1. Era quase meia noite e chovia. Íamos a entrar no Santuário do Senhor da Pedra, para a missa do Galo. Natal fora de portas, as muralhas do Castelo de Óbidos ali mesmo, debruadas de mil fios brilhantes, cintilando na noite fria, o eco do coro ensaiando dentro da igreja, gente chegando das redondezas. Subitamente apercebi-me de como era verdadeira, real, concretíssima, aquela harmonia entre todos os que ali estávamos, uma terna cumplicidade, uma mudez quase comovida, sentimento de pertença na convicção comprometida com o recado do Presépio.
Mais tarde, os ciprestes, a palmeira, as camélias e esse inconfundível silêncio do campo, deram-nos as boas vindas quando as várias gerações da nossa tribo aportaram ao calor aconchegante da casa, para a consoada.
E foi então que olhando aquele milagroso pequeno-grande quadro familiar, por uns brevíssimos ilusórios momentos, o mundo e a vida pareceram-me mais que perfeitos.
2. Alguma gente que estimo reteve o adjectivo com que na passada semana abordei o Natal de 2017: “inquieto”. E não é? O breve apontamento natalício que descrevi, em nada desmente a consciência da inquietação porque as palavras acima não são desligáveis da sua efémera natureza: um momento de luz, que iria esmocendo, apagado pelo estado das coisas.
Olhe-se à roda, o difícilé captar qual a mais inquietante, qual a que nos capturará decisivamente, a que nos extinguirá como produtos de uma civilização que ao consenti-las tão abulicamente se desmembra, fragiliza e nos fragiliza a nós. Não falo só da guerra (também falo); de lideranças políticas loucas ou miseráveis; da desordem internacional, das ameaças, do medo, pão nosso quotidiano. Nem sequer da galopante desigualdade, cada vez mais voraz.

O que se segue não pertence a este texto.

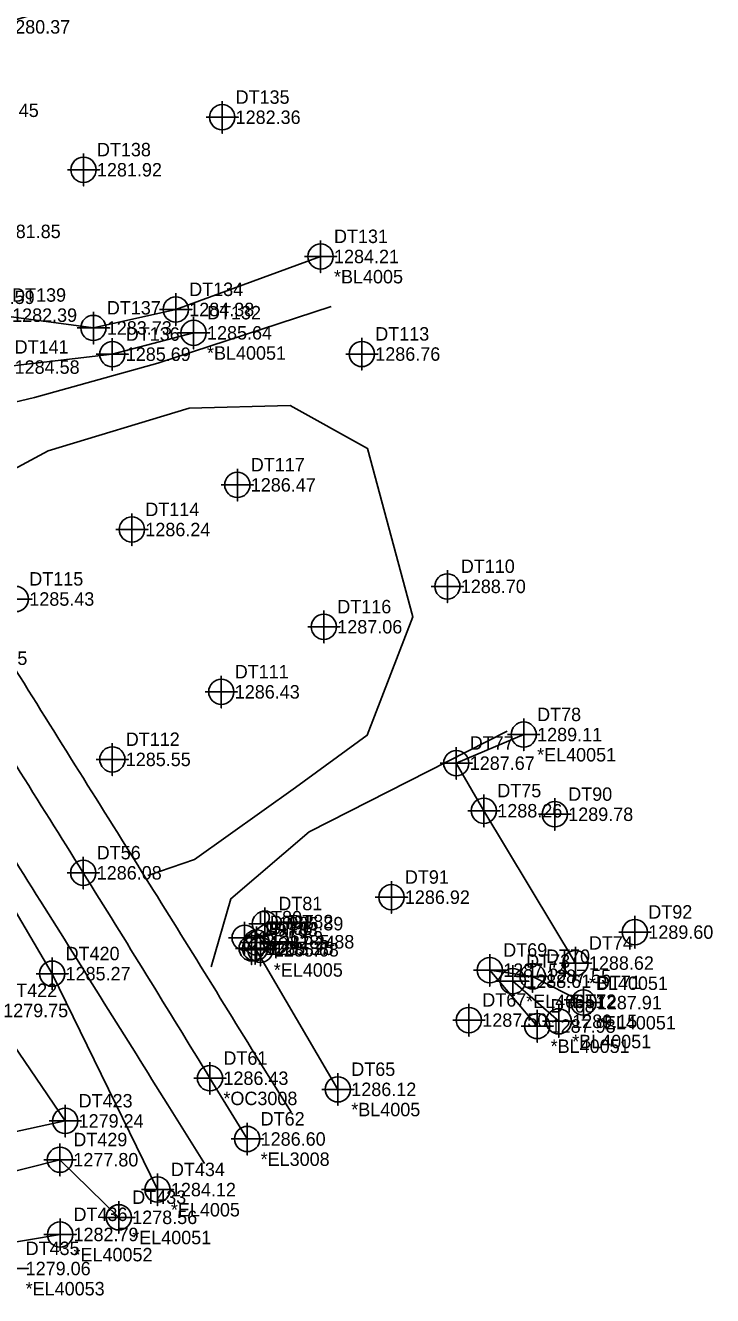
# Model space of a CAD drawing. Extents: x 1394009 to 1394411, y 957864 to 958364.
# Drawn here: x 1394283.7 to 1394411.5, y 957878.6 to 958114.8 of the extents above; entities that cross this region are included whole.
import ezdxf

# ---------------------------------------------------------------- set-up
doc = ezdxf.new("R2010")
doc.units = 0
for name, color, linetype in [('Exist DTM Breakline', 7, 'Continuous'), ('Exist DTM Breakline Cogo Comment', 7, 'Continuous'), ('Exist DTM Breakline Cogo Elevation', 7, 'Continuous'), ('Exist DTM Breakline Cogo Number', 7, 'Continuous'), ('Exist DTM Breakline Cogo Point CELL', 7, 'Continuous'), ('Exist DTM Crownline', 7, 'Continuous'), ('Exist DTM Regular Point Cogo Elevation', 7, 'Continuous'), ('Exist Roads EOP', 7, 'Continuous'), ('Exist Roads Soil', 7, 'Continuous'), ('Exist Structure Minor Culvert Topo', 7, 'Continuous'), ('Exist Structure Minor Culvert Topo Terminator', 7, 'Continuous'), ('Exist Structure Minor Footbridge', 7, 'Continuous'), ('Exist Structure Minor Footbridge Terminator', 7, 'Continuous'), ('PH Exist DTM NCFMP LIDAR Elevation Point', 7, 'Continuous'), ('Raster_Level_0', 7, 'Continuous')]:
    doc.layers.add(name, color=color, linetype=linetype)

msp = doc.modelspace()

# ---------------------------------------------------------------- linework, layer by layer
at = {"layer": 'Exist DTM Breakline'}
for p, q in [((1394382.8635, 957929.5842), (1394374.3045, 957937.0396)), ((1394254.6438, 957883.9212), (1394290.1223, 957889.9518))]:
    msp.add_line(p, q, dxfattribs=at)
for points in [[(1394338.5703, 958071.7873), (1394311.6428, 958061.939), (1394296.3165, 958058.5038), (1394278.7037, 958060.8799), (1394270.8162, 958064.205), (1394260.0757, 958069.6149), (1394248.6938, 958087.5642), (1394243.8244, 958095.3933), (1394260.8199, 958104.7758), (1394277.4189, 958114.4853), (1394301.9851, 958121.8746)], [(1394234.7161, 958087.1493), (1394208.4745, 958071.86), (1394207.051, 958069.7897), (1394210.8783, 958071.9618), (1394213.0858, 958066.3393), (1394211.818, 958067.823), (1394208.5647, 958061.9703), (1394223.9737, 958040.8216), (1394237.157, 958012.3346), (1394253.5006, 957985.8224), (1394267.2603, 957974.749), (1394288.6525, 957938.4432), (1394308.2436, 957898.2998)], [(1394314.9529, 958057.597), (1394299.8393, 958053.6184), (1394279.177, 958051.2301), (1394266.5791, 958043.3997), (1394258.6023, 958048.4386), (1394249.7488, 958062.8318), (1394236.4026, 958078.4617), (1394232.5982, 958084.3218)], [(1394202.6193, 958029.3354), (1394215.0019, 958016.2345), (1394221.6713, 958003.4334), (1394237.1401, 957997.6779), (1394243.3584, 957984.1351), (1394256.2425, 957964.9576), (1394277.0443, 957931.6004), (1394291.0752, 957911.067), (1394259.429, 957904.1903), (1394243.1444, 957902.5266)], [(1394385.9719, 957940.4138), (1394368.9383, 957968.739), (1394363.8098, 957977.5834), (1394376.341, 957982.8965)], [(1394341.7843, 957916.9337), (1394326.395, 957943.1604), (1394325.7531, 957943.1461), (1394324.4454, 957945.1081), (1394328.2194, 957947.7402), (1394330.2585, 957944.3788), (1394327.3729, 957942.881)], [(1394378.8606, 957928.706), (1394370.0349, 957939.0949), (1394378.0113, 957937.9487), (1394387.4448, 957933.0667)], [(1394243.646, 957897.9549), (1394263.7341, 957897.1943), (1394290.0967, 957903.851), (1394301.0447, 957893.1375)]]:
    msp.add_lwpolyline(points, dxfattribs=at)
at = {"layer": 'Exist DTM Breakline Cogo Point CELL'}
for points in [[(1394338.5703, 958074.7873), (1394338.5703, 958068.7873), (1394338.5703, 958071.7873), (1394341.5703, 958071.7873), (1394335.5703, 958071.7873)], [(1394311.6428, 958064.939), (1394311.6428, 958058.939), (1394311.6428, 958061.939), (1394314.6428, 958061.939), (1394308.6428, 958061.939)], [(1394296.3165, 958061.5038), (1394296.3165, 958055.5038), (1394296.3165, 958058.5038), (1394299.3165, 958058.5038), (1394293.3165, 958058.5038)], [(1394314.9529, 958060.597), (1394314.9529, 958054.597), (1394314.9529, 958057.597), (1394317.9529, 958057.597), (1394311.9529, 958057.597)], [(1394299.8393, 958056.6184), (1394299.8393, 958050.6184), (1394299.8393, 958053.6184), (1394302.8393, 958053.6184), (1394296.8393, 958053.6184)], [(1394376.341, 957985.8965), (1394376.341, 957979.8965), (1394376.341, 957982.8965), (1394379.341, 957982.8965), (1394373.341, 957982.8965)], [(1394363.8098, 957980.5834), (1394363.8098, 957974.5834), (1394363.8098, 957977.5834), (1394366.8098, 957977.5834), (1394360.8098, 957977.5834)], [(1394368.9383, 957971.739), (1394368.9383, 957965.739), (1394368.9383, 957968.739), (1394371.9383, 957968.739), (1394365.9383, 957968.739)], [(1394328.2194, 957950.7402), (1394328.2194, 957944.7402), (1394328.2194, 957947.7402), (1394331.2194, 957947.7402), (1394325.2194, 957947.7402)], [(1394324.4454, 957948.1081), (1394324.4454, 957942.1081), (1394324.4454, 957945.1081), (1394327.4454, 957945.1081), (1394321.4454, 957945.1081)], [(1394330.2585, 957947.3788), (1394330.2585, 957941.3788), (1394330.2585, 957944.3788), (1394333.2585, 957944.3788), (1394327.2585, 957944.3788)], [(1394325.7531, 957946.1461), (1394325.7531, 957940.1461), (1394325.7531, 957943.1461), (1394328.7531, 957943.1461), (1394322.7531, 957943.1461)], [(1394326.395, 957946.1604), (1394326.395, 957940.1604), (1394326.395, 957943.1604), (1394329.395, 957943.1604), (1394323.395, 957943.1604)], [(1394327.3729, 957945.881), (1394327.3729, 957939.881), (1394327.3729, 957942.881), (1394330.3729, 957942.881), (1394324.3729, 957942.881)], [(1394385.9719, 957943.4138), (1394385.9719, 957937.4138), (1394385.9719, 957940.4138), (1394388.9719, 957940.4138), (1394382.9719, 957940.4138)], [(1394288.6525, 957941.4432), (1394288.6525, 957935.4432), (1394288.6525, 957938.4432), (1394291.6525, 957938.4432), (1394285.6525, 957938.4432)], [(1394370.0349, 957942.0949), (1394370.0349, 957936.0949), (1394370.0349, 957939.0949), (1394373.0349, 957939.0949), (1394367.0349, 957939.0949)], [(1394374.3045, 957940.0396), (1394374.3045, 957934.0396), (1394374.3045, 957937.0396), (1394377.3045, 957937.0396), (1394371.3045, 957937.0396)], [(1394378.0113, 957940.9487), (1394378.0113, 957934.9487), (1394378.0113, 957937.9487), (1394381.0113, 957937.9487), (1394375.0113, 957937.9487)], [(1394387.4448, 957936.0667), (1394387.4448, 957930.0667), (1394387.4448, 957933.0667), (1394390.4448, 957933.0667), (1394384.4448, 957933.0667)], [(1394378.8606, 957931.706), (1394378.8606, 957925.706), (1394378.8606, 957928.706), (1394381.8606, 957928.706), (1394375.8606, 957928.706)], [(1394382.8635, 957932.5842), (1394382.8635, 957926.5842), (1394382.8635, 957929.5842), (1394385.8635, 957929.5842), (1394379.8635, 957929.5842)], [(1394341.7843, 957919.9337), (1394341.7843, 957913.9337), (1394341.7843, 957916.9337), (1394344.7843, 957916.9337), (1394338.7843, 957916.9337)], [(1394291.0752, 957914.067), (1394291.0752, 957908.067), (1394291.0752, 957911.067), (1394294.0752, 957911.067), (1394288.0752, 957911.067)], [(1394290.0967, 957906.851), (1394290.0967, 957900.851), (1394290.0967, 957903.851), (1394293.0967, 957903.851), (1394287.0967, 957903.851)], [(1394308.2436, 957901.2998), (1394308.2436, 957895.2998), (1394308.2436, 957898.2998), (1394311.2436, 957898.2998), (1394305.2436, 957898.2998)], [(1394301.0447, 957896.1375), (1394301.0447, 957890.1375), (1394301.0447, 957893.1375), (1394304.0447, 957893.1375), (1394298.0447, 957893.1375)], [(1394290.1223, 957892.9518), (1394290.1223, 957886.9518), (1394290.1223, 957889.9518), (1394293.1223, 957889.9518), (1394287.1223, 957889.9518)], [(1394281.2269, 957886.6237), (1394281.2269, 957880.6237), (1394281.2269, 957883.6237), (1394284.2269, 957883.6237), (1394278.2269, 957883.6237)]]:
    msp.add_lwpolyline(points, dxfattribs=at)
for centre in [(1394338.5703, 958071.7873), (1394311.6428, 958061.939), (1394296.3165, 958058.5038), (1394314.9529, 958057.597), (1394299.8393, 958053.6184), (1394376.341, 957982.8965), (1394363.8098, 957977.5834), (1394368.9383, 957968.739), (1394328.2194, 957947.7402), (1394324.4454, 957945.1081), (1394325.7531, 957943.1461), (1394326.395, 957943.1604), (1394327.3729, 957942.881), (1394330.2585, 957944.3788), (1394385.9719, 957940.4138), (1394288.6525, 957938.4432), (1394370.0349, 957939.0949), (1394378.0113, 957937.9487), (1394374.3045, 957937.0396), (1394387.4448, 957933.0667), (1394378.8606, 957928.706), (1394382.8635, 957929.5842), (1394341.7843, 957916.9337), (1394291.0752, 957911.067), (1394290.0967, 957903.851), (1394308.2436, 957898.2998), (1394301.0447, 957893.1375), (1394290.1223, 957889.9518)]:
    msp.add_circle(centre, 2.344, dxfattribs=at)
at = {"layer": 'Exist DTM Crownline'}
msp.add_line((1394318.0033, 957919.003), (1394324.9302, 957907.7064), dxfattribs=at)
msp.add_spline([(1394223.6604, 958072.3799), (1394244.8218, 958037.3795), (1394269.4506, 957997.0996), (1394294.4399, 957957.1952), (1394318.0033, 957919.003)], degree=3, dxfattribs=at)
at = {"layer": 'Exist Roads EOP'}
for p, q in [((1394325.7525, 957924.4929), (1394333.0808, 957912.6872)), ((1394310.1777, 957914.0367), (1394316.9578, 957903.1334))]:
    msp.add_line(p, q, dxfattribs=at)
for points in [[(1394231.4675, 958077.1435), (1394252.9816, 958042.2643), (1394277.1668, 958002.5538), (1394302.3527, 957962.1709), (1394325.7525, 957924.4929)], [(1394215.8384, 958067.9044), (1394237.3577, 958032.1628), (1394261.7049, 957991.7458), (1394286.4849, 957951.9331), (1394310.1777, 957914.0367)]]:
    msp.add_spline(points, degree=3, dxfattribs=at)
at = {"layer": 'Exist Roads Soil'}
for points in [[(1394340.5459, 958062.5087), (1394308.3278, 958051.9593), (1394285.3476, 958045.5699), (1394276.7186, 958043.5458), (1394268.3214, 958038.5621), (1394256.6207, 958038.5618)], [(1394306.4285, 957956.718), (1394315.1027, 957959.6918), (1394333.9061, 957973.0572), (1394347.2179, 957982.7667), (1394355.735, 958004.7936), (1394347.3044, 958036.1133), (1394332.8906, 958044.0577), (1394314.1398, 958043.6186), (1394287.8803, 958035.6785), (1394273.189, 958027.7647), (1394267.8535, 958020.4329)], [(1394318.1935, 957939.6878), (1394321.8524, 957952.3832), (1394336.4295, 957964.8436), (1394373.2483, 957983.5434)]]:
    msp.add_lwpolyline(points, dxfattribs=at)
at = {"layer": 'Exist Structure Minor Culvert Topo Terminator'}
for points in [[(1394294.4399, 957960.1952), (1394294.4399, 957954.1952), (1394294.4399, 957957.1952), (1394297.4399, 957957.1952), (1394291.4399, 957957.1952)], [(1394318.0033, 957922.003), (1394318.0033, 957916.003), (1394318.0033, 957919.003), (1394321.0033, 957919.003), (1394315.0033, 957919.003)], [(1394324.9302, 957910.7064), (1394324.9302, 957904.7064), (1394324.9302, 957907.7064), (1394327.9302, 957907.7064), (1394321.9302, 957907.7064)]]:
    msp.add_lwpolyline(points, dxfattribs=at)
for centre in [(1394294.4399, 957957.1952), (1394318.0033, 957919.003), (1394324.9302, 957907.7064)]:
    msp.add_circle(centre, 2.344, dxfattribs=at)
at = {"layer": 'PH Exist DTM NCFMP LIDAR Elevation Point'}
for points in [[(1394320.2751, 958100.681), (1394320.2751, 958094.681), (1394320.2751, 958097.681), (1394323.2751, 958097.681), (1394317.2751, 958097.681)], [(1394294.4829, 958090.913), (1394294.4829, 958084.913), (1394294.4829, 958087.913), (1394297.4829, 958087.913), (1394291.4829, 958087.913)], [(1394346.2406, 958056.6536), (1394346.2406, 958050.6536), (1394346.2406, 958053.6536), (1394349.2406, 958053.6536), (1394343.2406, 958053.6536)], [(1394323.0901, 958032.3218), (1394323.0901, 958026.3218), (1394323.0901, 958029.3218), (1394326.0901, 958029.3218), (1394320.0901, 958029.3218)], [(1394303.4827, 958024.0203), (1394303.4827, 958018.0203), (1394303.4827, 958021.0203), (1394306.4827, 958021.0203), (1394300.4827, 958021.0203)], [(1394362.1482, 958013.4502), (1394362.1482, 958007.4502), (1394362.1482, 958010.4502), (1394365.1482, 958010.4502), (1394359.1482, 958010.4502)], [(1394281.9056, 958011.1035), (1394281.9056, 958005.1035), (1394281.9056, 958008.1035), (1394284.9056, 958008.1035), (1394278.9056, 958008.1035)], [(1394339.1791, 958005.9422), (1394339.1791, 957999.9422), (1394339.1791, 958002.9422), (1394342.1791, 958002.9422), (1394336.1791, 958002.9422)], [(1394320.1102, 957993.8427), (1394320.1102, 957987.8427), (1394320.1102, 957990.8427), (1394323.1102, 957990.8427), (1394317.1102, 957990.8427)], [(1394299.8422, 957981.2828), (1394299.8422, 957975.2828), (1394299.8422, 957978.2828), (1394302.8422, 957978.2828), (1394296.8422, 957978.2828)], [(1394382.1241, 957971.082), (1394382.1241, 957965.082), (1394382.1241, 957968.082), (1394385.1241, 957968.082), (1394379.1241, 957968.082)], [(1394351.7512, 957955.6649), (1394351.7512, 957949.6649), (1394351.7512, 957952.6649), (1394354.7512, 957952.6649), (1394348.7512, 957952.6649)], [(1394326.6422, 957947.2429), (1394326.6422, 957941.2429), (1394326.6422, 957944.2429), (1394329.6422, 957944.2429), (1394323.6422, 957944.2429)], [(1394397.0204, 957949.1745), (1394397.0204, 957943.1745), (1394397.0204, 957946.1745), (1394400.0204, 957946.1745), (1394394.0204, 957946.1745)], [(1394366.1459, 957932.8104), (1394366.1459, 957926.8104), (1394366.1459, 957929.8104), (1394369.1459, 957929.8104), (1394363.1459, 957929.8104)]]:
    msp.add_lwpolyline(points, dxfattribs=at)
for centre in [(1394320.2751, 958097.681), (1394294.4829, 958087.913), (1394346.2406, 958053.6536), (1394323.0901, 958029.3218), (1394303.4827, 958021.0203), (1394362.1482, 958010.4502), (1394281.9056, 958008.1035), (1394339.1791, 958002.9422), (1394320.1102, 957990.8427), (1394299.8422, 957978.2828), (1394382.1241, 957968.082), (1394351.7512, 957952.6649), (1394397.0204, 957946.1745), (1394326.6422, 957944.2429), (1394366.1459, 957929.8104)]:
    msp.add_circle(centre, 2.344, dxfattribs=at)

# ---------------------------------------------------------------- texts
at = {"layer": 'Exist DTM Breakline Cogo Comment'}
for s, p in [('*BL4005', (1394341.0703, 958066.7873)), ('*BL40051', (1394317.4529, 958052.597)), ('*EL40051', (1394378.841, 957977.8965)), ('*EL4005', (1394329.8729, 957937.881)), ('*BL40051', (1394388.4719, 957935.4138)), ('*EL40051', (1394376.8045, 957932.0396)), ('*EL40051', (1394389.9448, 957928.0667)), ('*BL40051', (1394381.3606, 957923.706)), ('*BL40051', (1394385.3635, 957924.5842)), ('*BL4005', (1394344.2843, 957911.9337)), ('*EL4005', (1394310.7436, 957893.2998)), ('*EL40051', (1394303.5447, 957888.1375)), ('*EL40052', (1394292.6223, 957884.9518)), ('*EL40053', (1394283.7269, 957878.6237))]:
    msp.add_text(s, height=2.5, dxfattribs=at).set_placement(p)
at = {"layer": 'Exist DTM Breakline Cogo Elevation'}
for s, p in [('1280.37', (1394279.9189, 958113.2353)), ('1284.21', (1394341.0703, 958070.5373)), ('1281.59', (1394273.3162, 958062.955)), ('1284.38', (1394314.1428, 958060.689)), ('1282.39', (1394281.2037, 958059.6299)), ('1283.73', (1394298.8165, 958057.2538)), ('1285.64', (1394317.4529, 958056.347)), ('1285.69', (1394302.3393, 958052.3684)), ('1284.58', (1394281.677, 958049.9801)), ('1289.11', (1394378.841, 957981.6465)), ('1287.67', (1394366.3098, 957976.3334)), ('1288.26', (1394371.4383, 957967.489)), ('1285.89', (1394330.7194, 957946.4902)), ('1285.53', (1394326.9454, 957943.8581)), ('1285.88', (1394332.7585, 957943.1288)), ('1285.37', (1394328.2531, 957941.8961)), ('1285.25', (1394328.895, 957941.9104)), ('1285.68', (1394329.8729, 957941.631)), ('1287.54', (1394372.5349, 957937.8449)), ('1288.62', (1394388.4719, 957939.1638)), ('1285.27', (1394291.1525, 957937.1932)), ('1288.61', (1394376.8045, 957935.7896)), ('1287.55', (1394380.5113, 957936.6987)), ('1287.91', (1394389.9448, 957931.8167)), ('1279.75', (1394279.5443, 957930.3504)), ('1289.15', (1394385.3635, 957928.3342)), ('1287.98', (1394381.3606, 957927.456)), ('1286.12', (1394344.2843, 957915.6837)), ('1279.24', (1394293.5752, 957909.817)), ('1277.80', (1394292.5967, 957902.601)), ('1284.12', (1394310.7436, 957897.0498)), ('1278.56', (1394303.5447, 957891.8875)), ('1282.79', (1394292.6223, 957888.7018)), ('1279.06', (1394283.7269, 957882.3737))]:
    msp.add_text(s, height=2.5, dxfattribs=at).set_placement(p)
at = {"layer": 'Exist DTM Breakline Cogo Number'}
for s, p in [('DT131', (1394341.0703, 958074.2873)), ('DT139', (1394281.2037, 958063.3799)), ('DT134', (1394314.1428, 958064.439)), ('DT137', (1394298.8165, 958061.0038)), ('DT132', (1394317.4529, 958060.097)), ('DT136', (1394302.3393, 958056.1184)), ('DT141', (1394281.677, 958053.7301)), ('DT78', (1394378.841, 957985.3965)), ('DT77', (1394366.3098, 957980.0834)), ('DT75', (1394371.4383, 957971.239)), ('DT81', (1394330.7194, 957950.2402)), ('DT80', (1394326.9454, 957947.6081)), ('DT79', (1394328.2531, 957945.6461)), ('DT66', (1394328.895, 957945.6604)), ('DT83', (1394329.8729, 957945.381)), ('DT82', (1394332.7585, 957946.8788)), ('DT74', (1394388.4719, 957942.9138)), ('DT420', (1394291.1525, 957940.9432)), ('DT69', (1394372.5349, 957941.5949)), ('DT70', (1394380.5113, 957940.4487)), ('DT73', (1394376.8045, 957939.5396)), ('DT71', (1394389.9448, 957935.5667)), ('DT422', (1394279.5443, 957934.1004)), ('DT68', (1394381.3606, 957931.206)), ('DT72', (1394385.3635, 957932.0842)), ('DT65', (1394344.2843, 957919.4337)), ('DT423', (1394293.5752, 957913.567)), ('DT429', (1394292.5967, 957906.351)), ('DT434', (1394310.7436, 957900.7998)), ('DT433', (1394303.5447, 957895.6375)), ('DT436', (1394292.6223, 957892.4518)), ('DT435', (1394283.7269, 957886.1237))]:
    msp.add_text(s, height=2.5, dxfattribs=at).set_placement(p)
at = {"layer": 'Exist DTM Regular Point Cogo Elevation'}
for s, p in [('1281.45', (1394274.0694, 958097.7227)), ('1282.36', (1394322.7751, 958096.431)), ('1281.92', (1394296.9829, 958086.663)), ('1281.85', (1394278.1526, 958075.2043)), ('1286.76', (1394348.7406, 958052.4036)), ('1286.47', (1394325.5901, 958028.0718)), ('1286.24', (1394305.9827, 958019.7703)), ('1288.70', (1394364.6482, 958009.2002)), ('1285.43', (1394284.4056, 958006.8535)), ('1287.06', (1394341.6791, 958001.6922)), ('1286.43', (1394322.6102, 957989.5927)), ('1285.55', (1394302.3422, 957977.0328)), ('1289.78', (1394384.6241, 957966.832)), ('1286.92', (1394354.2512, 957951.4149)), ('1289.60', (1394399.5204, 957944.9245)), ('1281.24', (1394329.1422, 957942.9929)), ('1287.50', (1394368.6459, 957928.5604))]:
    msp.add_text(s, height=2.5, dxfattribs=at).set_placement(p)
at = {"layer": 'Exist Structure Minor Culvert Topo'}
for s, p in [('DT56', (1394296.9399, 957959.6952)), ('DT61', (1394320.5033, 957921.503)), ('DT62', (1394327.4302, 957910.2064))]:
    msp.add_text(s, height=2.5, dxfattribs=at).set_placement(p)
at = {"layer": 'Exist Structure Minor Footbridge'}
for s, p in [('*OC3008', (1394320.5033, 957914.003)), ('*EL3008', (1394327.4302, 957902.7064))]:
    msp.add_text(s, height=2.5, dxfattribs=at).set_placement(p)
at = {"layer": 'Exist Structure Minor Footbridge Terminator'}
for s, p in [('1285.85', (1394271.9506, 957995.8496)), ('1286.08', (1394296.9399, 957955.9452)), ('1286.43', (1394320.5033, 957917.753)), ('1286.60', (1394327.4302, 957906.4564))]:
    msp.add_text(s, height=2.5, dxfattribs=at).set_placement(p)
at = {"layer": 'Raster_Level_0'}
for s, p in [('DT135', (1394322.7751, 958100.181)), ('DT138', (1394296.9829, 958090.413)), ('DT113', (1394348.7406, 958056.1536)), ('DT117', (1394325.5901, 958031.8218)), ('DT114', (1394305.9827, 958023.5203)), ('DT110', (1394364.6482, 958012.9502)), ('DT115', (1394284.4056, 958010.6035)), ('DT116', (1394341.6791, 958005.4422)), ('DT111', (1394322.6102, 957993.3427)), ('DT112', (1394302.3422, 957980.7828)), ('DT90', (1394384.6241, 957970.582)), ('DT91', (1394354.2512, 957955.1649)), ('DT92', (1394399.5204, 957948.6745)), ('DT88', (1394329.1422, 957946.7429)), ('DT67', (1394368.6459, 957932.3104))]:
    msp.add_text(s, height=2.5, dxfattribs=at).set_placement(p)

doc.saveas('drawing.dxf')

Falo de uma sulfúrica espécie de mal, insidioso veio que tem vindo a corroer valores, razões morais, comportamentos, convicções, de uso e prática nesse ocidental lugar de onde vimos e somos (mas parece que agora já não nos deixam ser), substituídos por um Novo Código de Conduta, baseado em desqualificados mandamentos. E como tal aí esta hoje uma atenta, vigilante e policial guarda pretoriana, o Novo Código numa mão, na outra, denúncias, nomes e medidas censórias de aplicação imediata. Excesso e perseguição sobre fundo de impostura. (Sobre isto mesmo, leia-se aqui no Observador o último texto de Helena Matos)
Escasseiam-me os instrumentos de bordo para navegar na irracionalidade a que nos obrigam; para me formatar segundo esta nova geometria politicamente correcta do “como” pensar; arrepia-me a voragem da perseguição/queixa a tudo o que não esteja conforme aos novos usos e costumes. Pelos vistos tão pacificamente aceites e militantemente praticados pela generalidade (?) das elites intelectuais, culturais, científicas, do mundo livre.
Veja-se o puro gozo que conduz as acusações/perseguições relativas ao assédio sexual, que por vezes quase lembram processos nazis pela implacabilidade com que irrompem, sentenças de morte sem julgamento. Ou atenda-se ao actual questionamento — imbecil e inteiramente descontextualizado — de algumas telas ou pinturas, obras de arte universais cujo traço ou mensagem “colide” com as alíneas do Novo Código para captar a demencialidade desta cruzada feroz de incalculáveis e maléficas consequências. Triste sorte.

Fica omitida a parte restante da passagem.